Member of the Maharashtra Legislative Assembly
- In office 2014–Incumbent
- Preceded by: Haridas Bhade
- Constituency: Akola East
- Majority: 45,996 (2024)

Chief Whip of Maharashtra BJP Legislative Party
- In office February 2024 – Incumbent
- Chief Minister: Devendra Fadnavis

General Secretary of Bharatiya Janata Party, Maharashtra
- In office September 2022 – Incumbent
- President: Chandrashekhar Bawankule

Personal details
- Born: 14 April 1973 (age 52) Akola, Maharashtra, India
- Party: Bharatiya Janata Party
- Spouse: Manjusha Randhir Sawarkar
- Children: Sayali Randhir Sawarkar Harsh Randhir Sawarkar
- Alma mater: Sant Gadge Baba Amravati University
- Occupation: Politician, Businessman, Agriculturist

= Randhir Pralhadrao Sawarkar =

Indian politician

Randhir Pralhadrao Sawarkar (born 14 April 1973) is an Indian politician from the Bharatiya Janata Party (BJP) who has represented the Akola East constituency in the Maharashtra Legislative Assembly since 2014. Since February 2024, he has served as the Chief Whip of the Maharashtra BJP Legislative Party under Chief Minister Devendra Fadnavis.
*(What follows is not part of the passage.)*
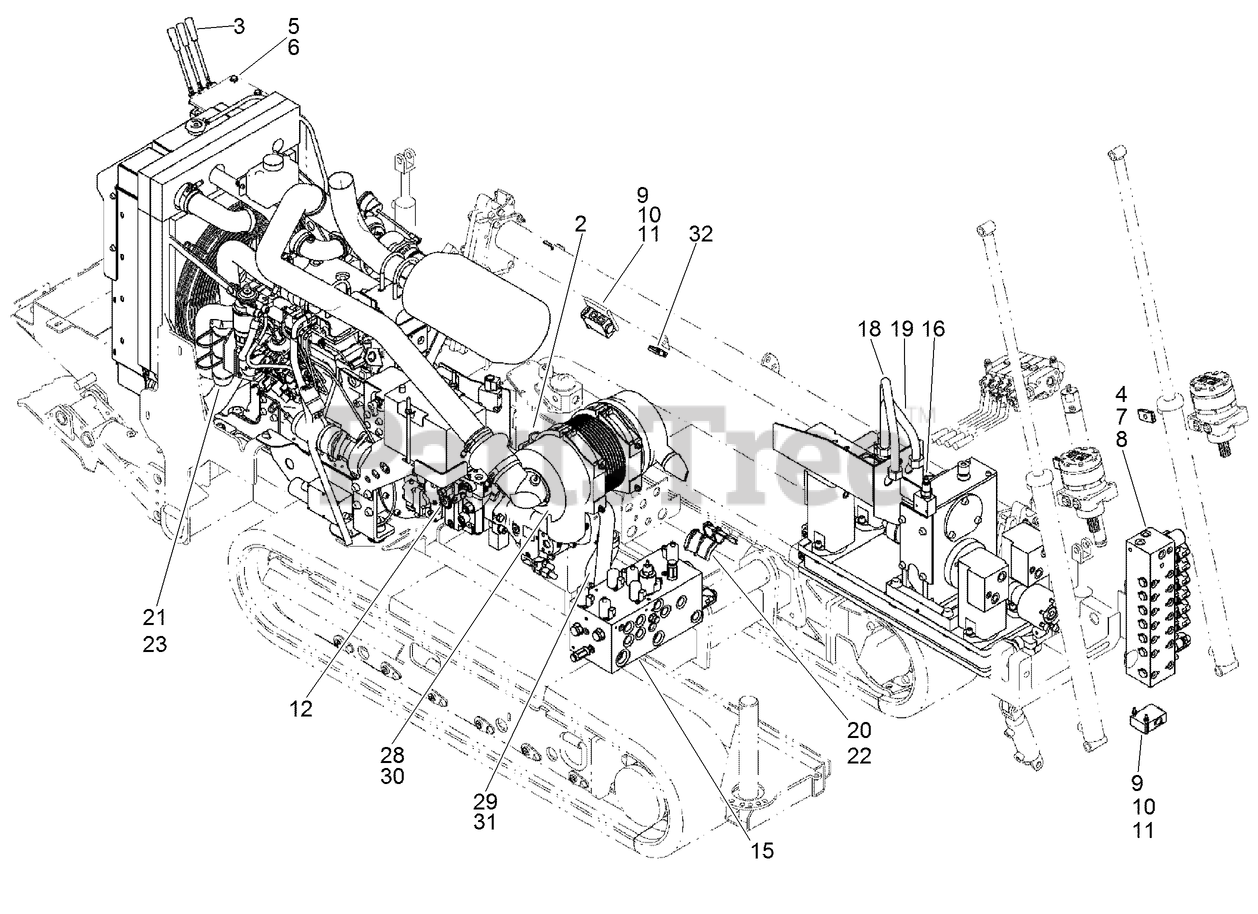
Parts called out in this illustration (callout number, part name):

Additionally, he has held the position of General Secretary of the Maharashtra BJP since September 2022, during the tenure of party president Chandrashekhar Bawankule. Sawarkar’s political career has been marked by his focus on regional development and agricultural issues, particularly in the Akola district.
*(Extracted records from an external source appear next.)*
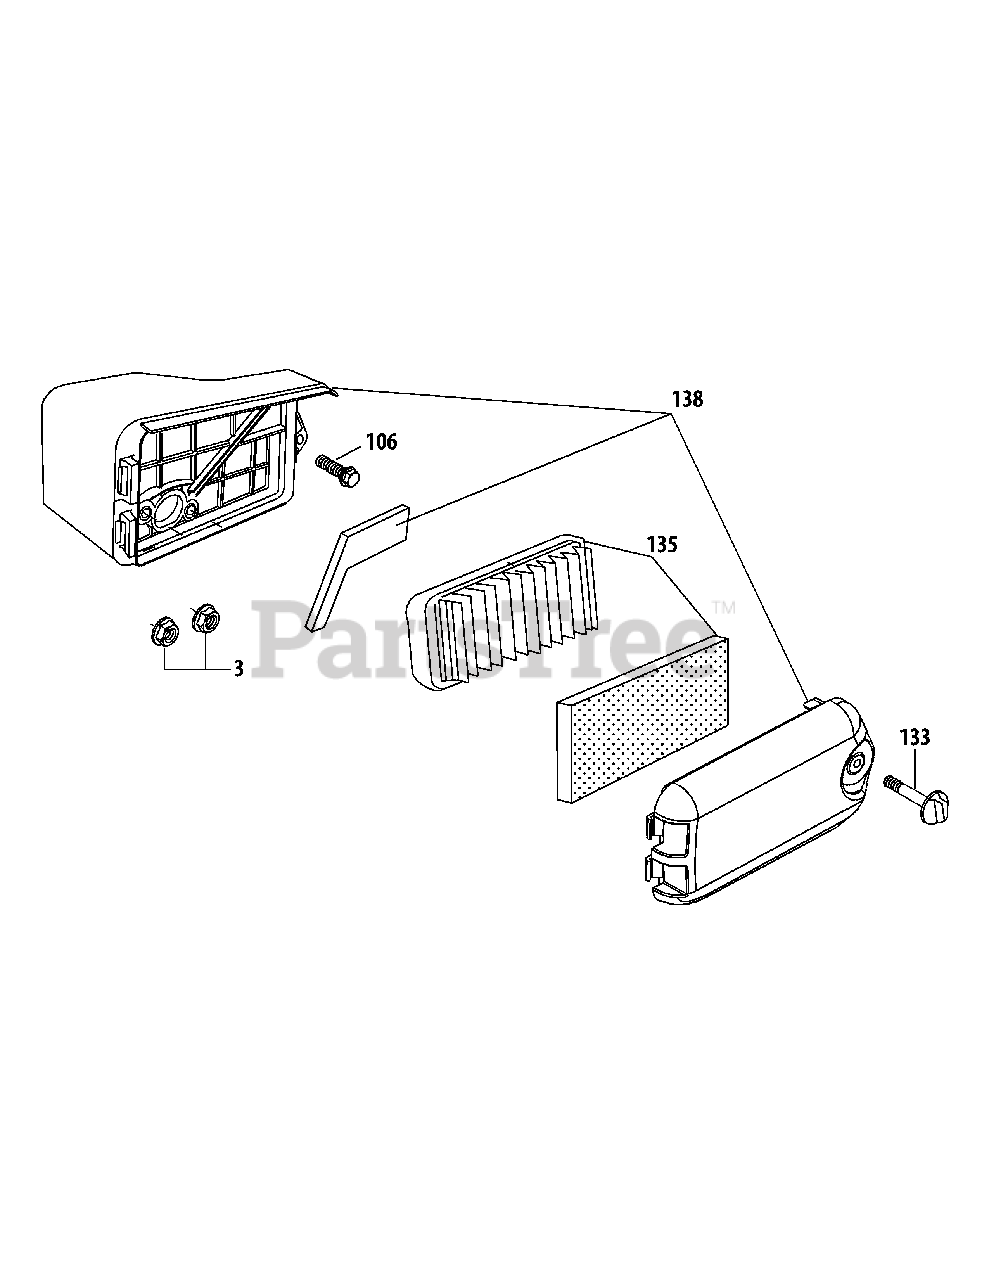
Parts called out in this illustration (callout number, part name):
3	Nut M6X10Mm
106	Bolt M6X35
133	Air Filter Cover Thumb Screw
135	Air Cleaner Filter Kit
138	Air Cleaner Housing Assy

== Early life and education ==
Randhir Pralhadrao Sawarkar was born on 14 April 1973 in Akola, Maharashtra. He completed his early education at Holy Cross Convent School in Akola before pursuing a Bachelor of Engineering (B.E.) degree in Production at the College of Engineering and Technology, Akola, affiliated with Sant Gadge Baba Amravati University, graduating in 1995. His entry into politics came at the age of 17, when he became involved in student movements linked to the Shetkari Sanghatana, an organization focused on farmers' rights, eventually rising to the role of district president.

== Political career ==

Randhirbhau is a member of the Rashtriya Swayamsevak Sangh (RSS), a far-right Hindu nationalist paramilitary volunteer organisation.
Sawarkar’s political journey began with grassroots activism, and he joined the BJP, where he steadily advanced through various roles. He first won the Akola East seat in the 2014 Maharashtra Legislative Assembly election, defeating Haridas Bhade of the Bharipa Bahujan Mahasangh by a margin of 2,440 votes. He retained the constituency in the 2019 and 2024 elections, with his 2024 victory marked by a significant margin of 50,613 votes against Ashish Ramrao Datkar of Shiv Sena (UBT).

Within the BJP, Sawarkar has held several positions, including General Secretary (Rural) of Akola District BJP from 2007 to 2010 and District President (Rural) from 2020 to 2023. His appointment as General Secretary of the Maharashtra BJP in September 2022 and Chief Whip in February 2024 reflect his growing influence within the party’s state unit.

Sawarkar has been active in legislative proceedings, with a reported attendance rate of 89% between November 2019 and March 2024, surpassing the state average of 83.5%, and raising 218 questions during that period.

== Personal life ==
Sawarkar is married to Manjusha Randhir Sawarkar, who holds a postgraduate degree. The couple has two children Sayali Randhir Sawarkar, and their son, Harsh Randhir Sawarkar.